Within a minute the kismets were at the moat. Without his Quan, Elwin could not draw enough water out of the air for credible offense. But the moat could give him all the waters he needed, waters he could use to keep Ursus occupied in frivolous defense.
He stood up, breathed in, and spoke the words he knew.
“MAIOR FORTIOR!”
Even without his Quan, he felt a strength pool at the core of his heart and extend into his arms.
The Rhythm of the Dewdrops, he whispered, readying his stance, swinging flurries of uppercuts that launched forth several small jets of water from the moat.
He circled them around his body in a rhythm he knew so well, every fiber of his attention cognizant of Ursus and his menace, how and upon where he stepped.

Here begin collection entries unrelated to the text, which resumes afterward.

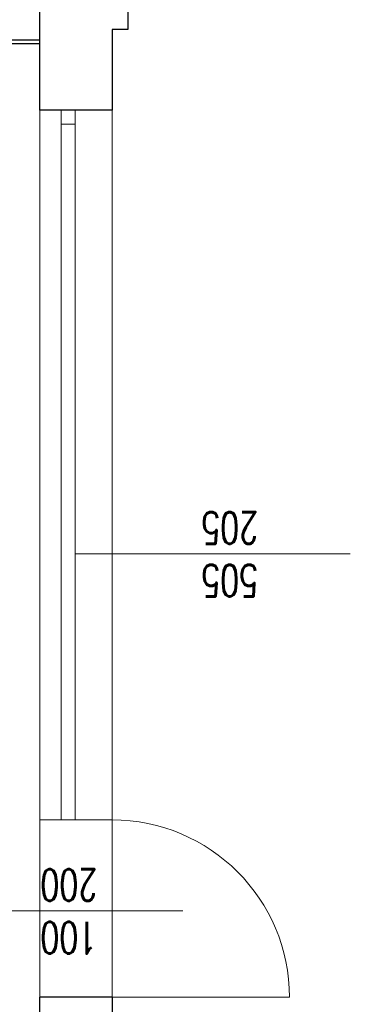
# Model space of a CAD drawing. Header units: millimetres. Extents: x -2948 to 78628, y 64669 to 215420.
# Tile 107 of 256: x 56091 to 56279, y 94288 to 94849. Entities that reach past the tile are written whole.
import ezdxf

# ---------------------------------------------------------------- set-up
doc = ezdxf.new("R2010")
doc.units = ezdxf.units.MM
for name, color, linetype, lineweight in [('1_OPIS_OKNA', 60, 'Continuous', 13), ('NOWE SCIANY', 3, 'Continuous', 13), ('OPIS', 2, 'Continuous', 13), ('POMOC', 1, 'Continuous', 13), ('STOLARKA', 3, 'Continuous', 13), ('WYMIAR', 5, 'Continuous', 13), ('ŚCIANY', 7, 'Continuous', 30)]:
    doc.layers.add(name, color=color, linetype=linetype, lineweight=lineweight)
doc.layers.add('KONSTR.STALOWA', color=42, linetype='Continuous')
doc.styles.add('style2', font='romans.shx', dxfattribs={"width": 0.7})
doc.dimstyles.new('100', dxfattribs={"dimscale": 80, "dimtxt": 0.2, "dimasz": 0.2, "dimexe": 1.25, "dimexo": 0.625, "dimgap": 0.05, "dimtad": 1, "dimdec": 0, "dimdsep": 46, "dimlunit": 6, "dimtxsty": 'style2', "dimblk1": 'TICK', "dimblk2": 'TICK', "dimsah": 1, "dimcen": 0.2, "dimse1": 1, "dimse2": 1, "dimclrd": 256, "dimclrt": 2, "dimadec": 0, "dimazin": 0, "dimtfac": 1, "dimtdec": 0, "dimtix": 1, "dimtmove": 1, "dimatfit": 0, "dimldrblk": 'DOTSMALL', "dimfxl": 1, "dimtolj": 1, "dimtzin": 0, "dimarcsym": 0})

# ---------------------------------------------------------------- blocks, each defined once
blk = doc.blocks.new('TICK')
at = {"color": 5}
for p, q in [((0, -0.75), (0, 0.75)), ((-1, 0), (1, 0))]:
    blk.add_line(p, q, dxfattribs=at)
at = {"const_width": 0.1}
blk.add_lwpolyline([(-0.354, -0.354), (0.354, 0.354)], dxfattribs=at)
blk = doc.blocks.new('*D1246')
at = {"layer": 'Defpoints', "color": 0, "ltscale": 2, "transparency": 16777216}
for p in [(55415.52, 94854.17), (56152.33, 94854.17), (56143.36, 94252.17)]:
    blk.add_point(p, dxfattribs=at)
at = {"layer": 'WYMIAR', "lineweight": -2, "ltscale": 2, "transparency": 16777216}
blk.add_line((55415.52, 94268.17), (55415.52, 94838.17), dxfattribs=at)
at = {"layer": 'WYMIAR', "lineweight": -2, "ltscale": 2, "transparency": 16777216, "xscale": 16, "yscale": 16, "zscale": 16}
for p, rotation in [((55415.52, 94854.17), 90), ((55415.52, 94252.17), 270)]:
    blk.add_blockref('TICK', p, dxfattribs=dict(at, rotation=rotation))
at = {"layer": 'WYMIAR', "color": 2, "ltscale": 2, "transparency": 16777216, "insert": (55403.52, 94553.17), "char_height": 16, "attachment_point": 5, "rotation": 90, "style": 'style2'}
blk.add_mtext('\\A1;602', dxfattribs=at)
blk = doc.blocks.new('_DotSmall')
at = {"layer": 'OPIS', "color": 0, "const_width": 0.5}
blk.add_lwpolyline([(-0.0625, 0, 1), (0.0625, 0, 1)], format="xyb", close=True, dxfattribs=at)
blk = doc.blocks.new('*D1247')
at = {"layer": 'Defpoints', "color": 0, "ltscale": 2, "transparency": 16777216}
for p in [(55415.52, 94884.17), (56143.33, 94884.17), (56152.33, 94854.17)]:
    blk.add_point(p, dxfattribs=at)
at = {"layer": 'WYMIAR', "lineweight": -2, "ltscale": 2, "transparency": 16777216}
for p, q in [((55415.52, 94900.17), (55415.52, 94916.17)), ((55415.52, 94854.17), (55415.52, 94884.17)), ((55415.52, 94838.17), (55415.52, 94822.17))]:
    blk.add_line(p, q, dxfattribs=at)
at = {"layer": 'WYMIAR', "lineweight": -2, "ltscale": 2, "transparency": 16777216, "xscale": 16, "yscale": 16, "zscale": 16}
for p, rotation in [((55415.52, 94884.17), 270), ((55415.52, 94854.17), 90)]:
    blk.add_blockref('TICK', p, dxfattribs=dict(at, rotation=rotation))
at = {"layer": 'WYMIAR', "color": 2, "ltscale": 2, "transparency": 16777216, "insert": (55403.52, 94869.17), "char_height": 16, "attachment_point": 5, "rotation": 90, "style": 'style2'}
blk.add_mtext('\\A1;30', dxfattribs=at)

msp = doc.modelspace()

# ---------------------------------------------------------------- linework, layer by layer
at = {"layer": '1_OPIS_OKNA'}
msp.add_line((56278.9, 94544.67), (56122.33, 94544.67), dxfattribs=at)
at = {"layer": 'KONSTR.STALOWA', "ltscale": 2}
for p, q in [((55647.33, 94837.17), (56102.33, 94837.17)), ((55587.33, 94835.17), (56102.33, 94835.17))]:
    msp.add_line(p, q, dxfattribs=at)
at = {"layer": 'NOWE SCIANY'}
msp.add_lwpolyline([(56143.33, 94292.17), (56143.33, 94393.17), (56102.33, 94393.17), (56102.33, 94292.17)], dxfattribs=at)
at = {"layer": 'POMOC'}
for p, q in [((56102.33, 94393.17), (56102.33, 94797.17)), ((56143.33, 94797.17), (56143.33, 94393.17)), ((56183.54, 94341.38), (56026.97, 94341.38)), ((56183.54, 94341.38), (56026.97, 94341.38))]:
    msp.add_line(p, q, dxfattribs=at)
at = {"layer": 'STOLARKA'}
for p, q in [((56114.33, 94393.17), (56114.33, 94797.17)), ((56122.33, 94393.17), (56122.33, 94797.17)), ((56114.33, 94789.17), (56122.33, 94789.17))]:
    msp.add_line(p, q, dxfattribs=at)
at = {"layer": 'STOLARKA', "ltscale": 2}
for p, q in [((56102.33, 94393.17), (56143.33, 94393.17)), ((56102.33, 94393.17), (56143.33, 94393.17)), ((56117.33, 94292.17), (56244.33, 94292.17))]:
    msp.add_line(p, q, dxfattribs=at)
msp.add_arc((56143.33, 94292.17), 101, 0, 90, dxfattribs=at)
at = {"layer": 'ŚCIANY', "ltscale": 2}
for p, q in [((56102.33, 94797.17), (56102.33, 94906.17)), ((56152.33, 94854.17), (56152.33, 94843.17)), ((56143.33, 94843.17), (56143.33, 94797.17)), ((56152.33, 94843.17), (56143.33, 94843.17)), ((56137.33, 94797.17), (56102.33, 94797.17)), ((56143.33, 94797.17), (56102.33, 94797.17)), ((56137.33, 94292.17), (56102.33, 94292.17)), ((56143.33, 94292.17), (56102.33, 94292.17)), ((56102.33, 94217.17), (56102.33, 94292.17)), ((56143.33, 94292.17), (56143.33, 94281.17))]:
    msp.add_line(p, q, dxfattribs=at)

# ---------------------------------------------------------------- texts
at = {"layer": '1_OPIS_OKNA', "ltscale": 0.2, "insert": (56226.46, 94520.38), "char_height": 18, "width": 280.1371, "attachment_point": 1, "rotation": 179.9915, "style": 'style2'}
msp.add_mtext('505\\P205', dxfattribs=at)
at = {"layer": 'OPIS', "linetype": 'Continuous', "ltscale": 0.2, "insert": (56134.92, 94317.09), "char_height": 18, "width": 280.1371, "attachment_point": 1, "rotation": 179.9915, "style": 'style2'}
msp.add_mtext('100\\P200', dxfattribs=at)

# ---------------------------------------------------------------- dimensions: what is measured, and where the dimension line sits
at = {"layer": 'WYMIAR', "ltscale": 2}
for base, p1, p2, picture, middle in [((55415.52, 94884.17), (56152.33, 94854.17), (56143.33, 94884.17), '*D1247', (55403.52, 94869.17)), ((55415.52, 94854.17), (56143.36, 94252.17), (56152.33, 94854.17), '*D1246', (55403.52, 94553.17))]:
    dim = msp.add_linear_dim(base=base, p1=p1, p2=p2, angle=90, dimstyle='100', dxfattribs=at)
    dim.commit()
    dim.dimension.update_dxf_attribs({"geometry": picture, "text_midpoint": middle})

doc.saveas('drawing.dxf')

“Isaac, Mirai,” Elwin nodded, and they nodded in unison, as he pulled a totality of heat from the waters around him, crystallizing into icy knives –
“NOW!”
Mirai threw dust into Ursus’s direction, and Elwin shot the daggers of ice to Ursus’s armored neck and face.
“FURA!” Isaac commanded, his sona from the Song of the Wisps mustering up a great forward gale, speeding up the daggers until they were singing in the wind.
The dust hit Ursus first, as Elwin had hoped; and the ice hit him after, but a puff of steam burst from his figure. He continued to march on them, unscathed, as if nothing had happened. Ursus had effortlessly vaporized ice into steam – he had not even raised his hand this time.
“Another!” he yelled, Mirai molding the earth by her feet into a lance several feet long, and Elwin tipping it with ice as thick as he could. Ursus was now just twenty feet away.
Elwin and Mirai lifted that ice-tipped lance upon their shoulders, and Isaac kicked it forward with a blast from his uttered sona, splitting the air in its wake towards the advancing giant –
And this time, he raised a wall of earth, which broke on impact.
But still he marched, unfazed.
You can’t defeat him conventionally, Maximus had said, and Elwin knew he was right. It was time for them to go on the run.
As if he’d read their thoughts, Ursus broke into a lumbering sprint, placing each foot forward faster than the other, until he was right on top of them in the blink of an eye; they barely dodged the full force of his slam, which broke the sandstone wall behind them.
So far Ursus had targeted them together to gauge what they were capable of, and now that he read their abilities, knew which target to eliminate first:
Isaac, who used air for support, but was inexperienced in combat.